Dataset items:

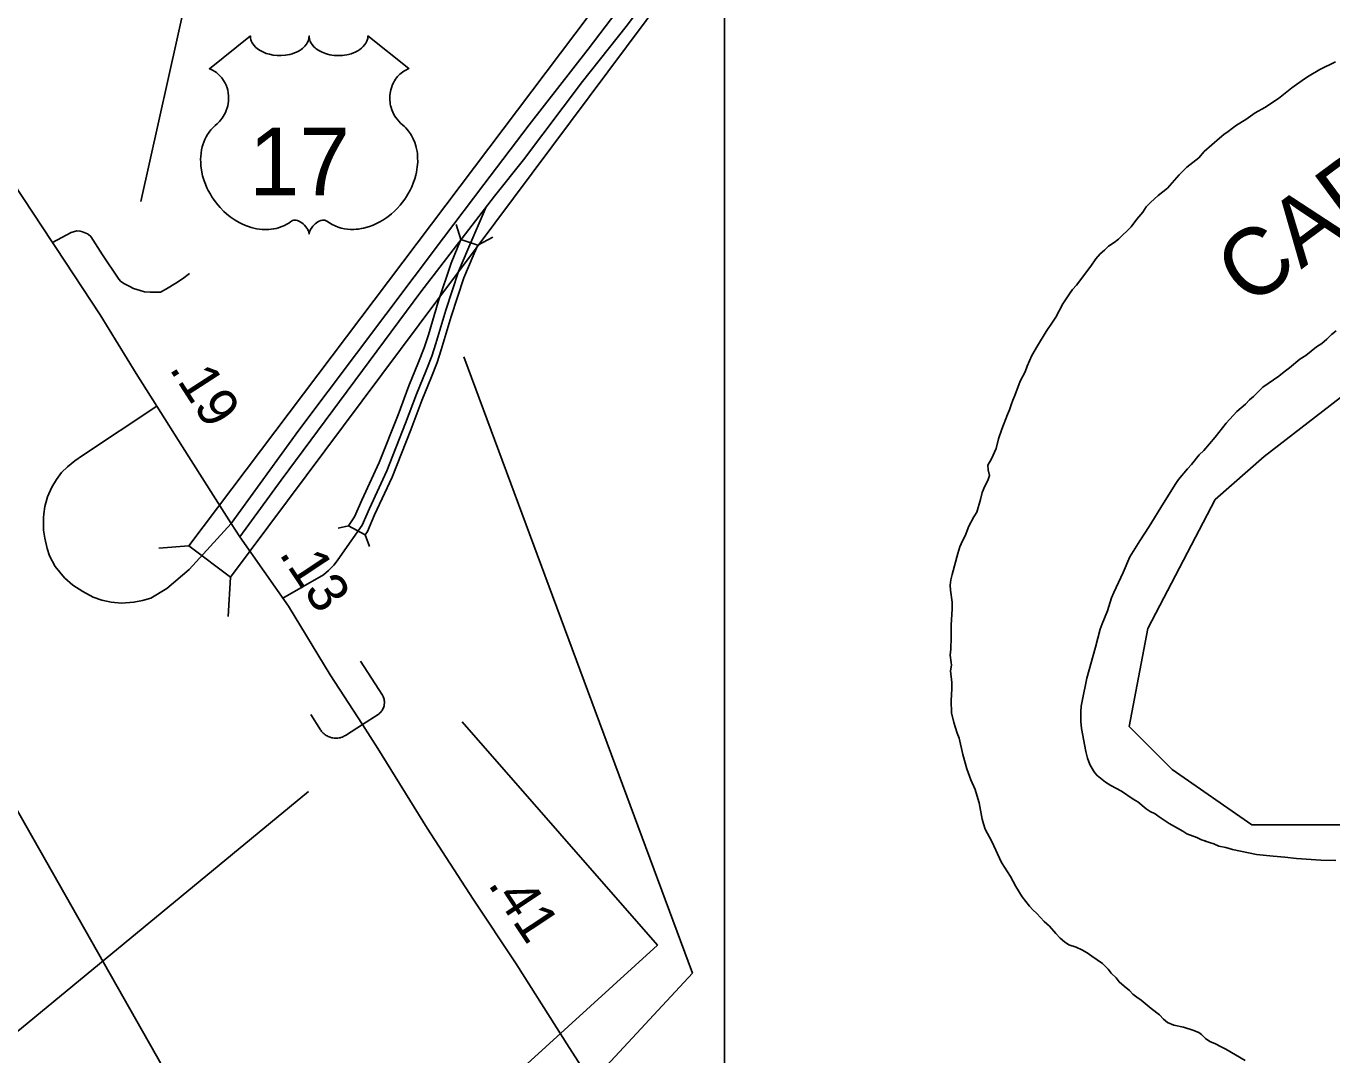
# Model space of a CAD drawing. Extents: x 2290055 to 2389491, y 66597 to 237875.
# Drawn here: x 2310939 to 2315029, y 196284 to 199506 of the extents above; entities that cross this region are included whole.
import ezdxf

# ---------------------------------------------------------------- set-up
doc = ezdxf.new("R2010")
doc.units = 0
for name, color, linetype in [('Exist Boundary Political Urban Extension UEB', 7, 'Continuous'), ('Exist Hydrographic River Shore', 7, 'Continuous'), ('Exist Hydrographic River Shore Label', 7, 'Continuous'), ('Exist Railroad Mainline', 7, 'Continuous'), ('Exist Road Primary Interstate Divided Center Attributed', 7, 'Continuous'), ('Exist Road Primary Interstate Ramp 1 Lane Attributed', 7, 'Continuous'), ('Exist Road Primary Interstate Structure Standard Bridge CELL', 7, 'Continuous'), ('Exist Road Primary Interstate Structure Standard Bridge Number Label', 7, 'Continuous'), ('Exist Road Primary US Mileage Hundredths English Label', 7, 'Continuous'), ('Exist Road Primary US Shield CELL', 7, 'Continuous'), ('Exist Road Primary US Shield Number Label', 7, 'Continuous'), ('Exist Road Primary US UnDivided 4 Lane Attributed', 7, 'Continuous'), ('Exist Road Secondary Type 51 Attributed', 7, 'Continuous'), ('Exist Road Secondary Type 51 Number Label', 7, 'Continuous'), ('Map Preparation Inset Cut Line', 7, 'Continuous')]:
    doc.layers.add(name, color=color, linetype=linetype)

msp = doc.modelspace()

# ---------------------------------------------------------------- linework, layer by layer
at = {"layer": 'Exist Boundary Political Urban Extension UEB'}
msp.add_lwpolyline([(2315300.7, 202622.1), (2315586.1, 202387), (2316066.5, 201791.1), (2316450.8, 200983.7), (2316604.5, 200522.3), (2316643, 199926.4), (2316527.7, 199561.1), (2315663, 198811.4), (2314817.5, 198157.8), (2314663.7, 198023.3), (2314452.4, 197619.6), (2314394.7, 197312), (2314529.2, 197177.4), (2314779, 197004.4), (2316258.6, 197004.4), (2316263.5, 196926.1)], dxfattribs=at)
at = {"layer": 'Exist Hydrographic River Shore'}
for points in [[(2315041.2, 199394.2), (2314992, 199369.4), (2314958.2, 199349.8), (2314943.7, 199340.5), (2314903.5, 199312.1), (2314861.7, 199279.1), (2314819, 199251.4), (2314789.2, 199234.2), (2314759.5, 199213), (2314730.5, 199195.5), (2314717.7, 199186.5), (2314704.5, 199175.5), (2314691.2, 199166.3), (2314677.2, 199155.1), (2314629.7, 199113.4), (2314612.7, 199093.5), (2314574.5, 199064.4), (2314550.5, 199040.3), (2314514.2, 198998.1), (2314485, 198975.4), (2314461, 198953.3), (2314448, 198940), (2314437.2, 198922.9), (2314418.2, 198901.2), (2314400.5, 198877.2), (2314361, 198838.8), (2314347.2, 198828), (2314329.7, 198816.3), (2314317.2, 198804.4), (2314303, 198792.3), (2314290, 198777.1), (2314274, 198754.5), (2314229, 198695), (2314216.5, 198680.9), (2314207, 198667.6), (2314187, 198636.5), (2314164.2, 198594.1), (2314154.5, 198578.2), (2314134.5, 198549), (2314107, 198504.9), (2314089.5, 198473.8), (2314075, 198441.1), (2314068.2, 198423.4), (2314053.2, 198394.1), (2314036.7, 198349.3), (2314030, 198334.5), (2314024.5, 198319.9), (2314020, 198304), (2314013.5, 198289.1), (2313996, 198243.9), (2313985.5, 198213.7), (2313977.5, 198183.5), (2313963, 198150.6), (2313951.5, 198130.7), (2313952.5, 198116.6), (2313956.5, 198098.9), (2313952, 198082.8), (2313942.5, 198065), (2313934, 198045.6), (2313928.5, 198023.1), (2313917, 197983.9), (2313907.5, 197969.2), (2313892.5, 197940), (2313880.5, 197909.8), (2313872.5, 197894.2), (2313864.2, 197875), (2313857.5, 197854.5), (2313839.7, 197788.2), (2313836, 197771.6), (2313833.7, 197755.1), (2313834.5, 197739), (2313840, 197701.8), (2313840, 197679.6), (2313836.7, 197631.1), (2313837.2, 197591.9), (2313835.7, 197555), (2313834, 197536), (2313836.5, 197512.6), (2313837.7, 197504.3), (2313835, 197487), (2313839, 197450.2), (2313839, 197432), (2313836.5, 197392.6), (2313838, 197355.4), (2313845.5, 197325.1), (2313856, 197291.9), (2313861.7, 197276.3), (2313873.2, 197224.4), (2313885.5, 197179.8), (2313898.2, 197146), (2313911.5, 197115.6), (2313917.2, 197097.7), (2313924, 197073.7)], [(2315041.7, 196892.5), (2314994.5, 196894.3), (2314918.5, 196899), (2314881.7, 196903.6), (2314845.5, 196906), (2314793.5, 196911.6), (2314718.5, 196927.3), (2314697, 196933.2), (2314675, 196938), (2314659.5, 196944.6), (2314632.2, 196953.4), (2314635.5, 196953.4), (2314620.5, 196957.6), (2314606.2, 196964.5), (2314575.5, 196976.2), (2314563, 196984.7), (2314520, 197008.5), (2314488, 197029.6), (2314475.5, 197038.7), (2314460.5, 197046.2), (2314447.5, 197054.8), (2314421.2, 197076.1), (2314406.7, 197084.7), (2314370.7, 197109.7), (2314337, 197127.7), (2314320.7, 197138.4), (2314293.7, 197159), (2314287, 197167.9), (2314282.5, 197173.7), (2314271.2, 197193.4), (2314263.5, 197213.7), (2314258.2, 197234.5), (2314245, 197306.4), (2314243, 197328), (2314243.2, 197358.6), (2314244.2, 197375.8), (2314246.7, 197391.5), (2314261.7, 197463.5), (2314289, 197560.8), (2314303.5, 197616.8), (2314309.5, 197633.8), (2314326.2, 197674.8), (2314339.5, 197715.1), (2314346.7, 197732.5), (2314375.7, 197794.8), (2314396.5, 197844.1), (2314427.7, 197894.3), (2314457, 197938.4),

> [Work order]: The answer should consist of all the records, duplicated exactly, with no images included.

> [Solution to this problem]:
# Model space of a CAD drawing. Extents: x 2290055 to 2389491, y 66597 to 237875.
# Drawn here: x 2310939 to 2315029, y 196284 to 199506 of the extents above; entities that cross this region are included whole.
import ezdxf

# ---------------------------------------------------------------- set-up
doc = ezdxf.new("R2010")
doc.units = 0
for name, color, linetype in [('Exist Boundary Political Urban Extension UEB', 7, 'Continuous'), ('Exist Hydrographic River Shore', 7, 'Continuous'), ('Exist Hydrographic River Shore Label', 7, 'Continuous'), ('Exist Railroad Mainline', 7, 'Continuous'), ('Exist Road Primary Interstate Divided Center Attributed', 7, 'Continuous'), ('Exist Road Primary Interstate Ramp 1 Lane Attributed', 7, 'Continuous'), ('Exist Road Primary Interstate Structure Standard Bridge CELL', 7, 'Continuous'), ('Exist Road Primary Interstate Structure Standard Bridge Number Label', 7, 'Continuous'), ('Exist Road Primary US Mileage Hundredths English Label', 7, 'Continuous'), ('Exist Road Primary US Shield CELL', 7, 'Continuous'), ('Exist Road Primary US Shield Number Label', 7, 'Continuous'), ('Exist Road Primary US UnDivided 4 Lane Attributed', 7, 'Continuous'), ('Exist Road Secondary Type 51 Attributed', 7, 'Continuous'), ('Exist Road Secondary Type 51 Number Label', 7, 'Continuous'), ('Map Preparation Inset Cut Line', 7, 'Continuous')]:
    doc.layers.add(name, color=color, linetype=linetype)

msp = doc.modelspace()

# ---------------------------------------------------------------- linework, layer by layer
at = {"layer": 'Exist Boundary Political Urban Extension UEB'}
msp.add_lwpolyline([(2315300.7, 202622.1), (2315586.1, 202387), (2316066.5, 201791.1), (2316450.8, 200983.7), (2316604.5, 200522.3), (2316643, 199926.4), (2316527.7, 199561.1), (2315663, 198811.4), (2314817.5, 198157.8), (2314663.7, 198023.3), (2314452.4, 197619.6), (2314394.7, 197312), (2314529.2, 197177.4), (2314779, 197004.4), (2316258.6, 197004.4), (2316263.5, 196926.1)], dxfattribs=at)
at = {"layer": 'Exist Hydrographic River Shore'}
for points in [[(2315041.2, 199394.2), (2314992, 199369.4), (2314958.2, 199349.8), (2314943.7, 199340.5), (2314903.5, 199312.1), (2314861.7, 199279.1), (2314819, 199251.4), (2314789.2, 199234.2), (2314759.5, 199213), (2314730.5, 199195.5), (2314717.7, 199186.5), (2314704.5, 199175.5), (2314691.2, 199166.3), (2314677.2, 199155.1), (2314629.7, 199113.4), (2314612.7, 199093.5), (2314574.5, 199064.4), (2314550.5, 199040.3), (2314514.2, 198998.1), (2314485, 198975.4), (2314461, 198953.3), (2314448, 198940), (2314437.2, 198922.9), (2314418.2, 198901.2), (2314400.5, 198877.2), (2314361, 198838.8), (2314347.2, 198828), (2314329.7, 198816.3), (2314317.2, 198804.4), (2314303, 198792.3), (2314290, 198777.1), (2314274, 198754.5), (2314229, 198695), (2314216.5, 198680.9), (2314207, 198667.6), (2314187, 198636.5), (2314164.2, 198594.1), (2314154.5, 198578.2), (2314134.5, 198549), (2314107, 198504.9), (2314089.5, 198473.8), (2314075, 198441.1), (2314068.2, 198423.4), (2314053.2, 198394.1), (2314036.7, 198349.3), (2314030, 198334.5), (2314024.5, 198319.9), (2314020, 198304), (2314013.5, 198289.1), (2313996, 198243.9), (2313985.5, 198213.7), (2313977.5, 198183.5), (2313963, 198150.6), (2313951.5, 198130.7), (2313952.5, 198116.6), (2313956.5, 198098.9), (2313952, 198082.8), (2313942.5, 198065), (2313934, 198045.6), (2313928.5, 198023.1), (2313917, 197983.9), (2313907.5, 197969.2), (2313892.5, 197940), (2313880.5, 197909.8), (2313872.5, 197894.2), (2313864.2, 197875), (2313857.5, 197854.5), (2313839.7, 197788.2), (2313836, 197771.6), (2313833.7, 197755.1), (2313834.5, 197739), (2313840, 197701.8), (2313840, 197679.6), (2313836.7, 197631.1), (2313837.2, 197591.9), (2313835.7, 197555), (2313834, 197536), (2313836.5, 197512.6), (2313837.7, 197504.3), (2313835, 197487), (2313839, 197450.2), (2313839, 197432), (2313836.5, 197392.6), (2313838, 197355.4), (2313845.5, 197325.1), (2313856, 197291.9), (2313861.7, 197276.3), (2313873.2, 197224.4), (2313885.5, 197179.8), (2313898.2, 197146), (2313911.5, 197115.6), (2313917.2, 197097.7), (2313924, 197073.7)], [(2315041.7, 196892.5), (2314994.5, 196894.3), (2314918.5, 196899), (2314881.7, 196903.6), (2314845.5, 196906), (2314793.5, 196911.6), (2314718.5, 196927.3), (2314697, 196933.2), (2314675, 196938), (2314659.5, 196944.6), (2314632.2, 196953.4), (2314635.5, 196953.4), (2314620.5, 196957.6), (2314606.2, 196964.5), (2314575.5, 196976.2), (2314563, 196984.7), (2314520, 197008.5), (2314488, 197029.6), (2314475.5, 197038.7), (2314460.5, 197046.2), (2314447.5, 197054.8), (2314421.2, 197076.1), (2314406.7, 197084.7), (2314370.7, 197109.7), (2314337, 197127.7), (2314320.7, 197138.4), (2314293.7, 197159), (2314287, 197167.9), (2314282.5, 197173.7), (2314271.2, 197193.4), (2314263.5, 197213.7), (2314258.2, 197234.5), (2314245, 197306.4), (2314243, 197328), (2314243.2, 197358.6), (2314244.2, 197375.8), (2314246.7, 197391.5), (2314261.7, 197463.5), (2314289, 197560.8), (2314303.5, 197616.8), (2314309.5, 197633.8), (2314326.2, 197674.8), (2314339.5, 197715.1), (2314346.7, 197732.5), (2314375.7, 197794.8), (2314396.5, 197844.1), (2314427.7, 197894.3), (2314457, 197938.4),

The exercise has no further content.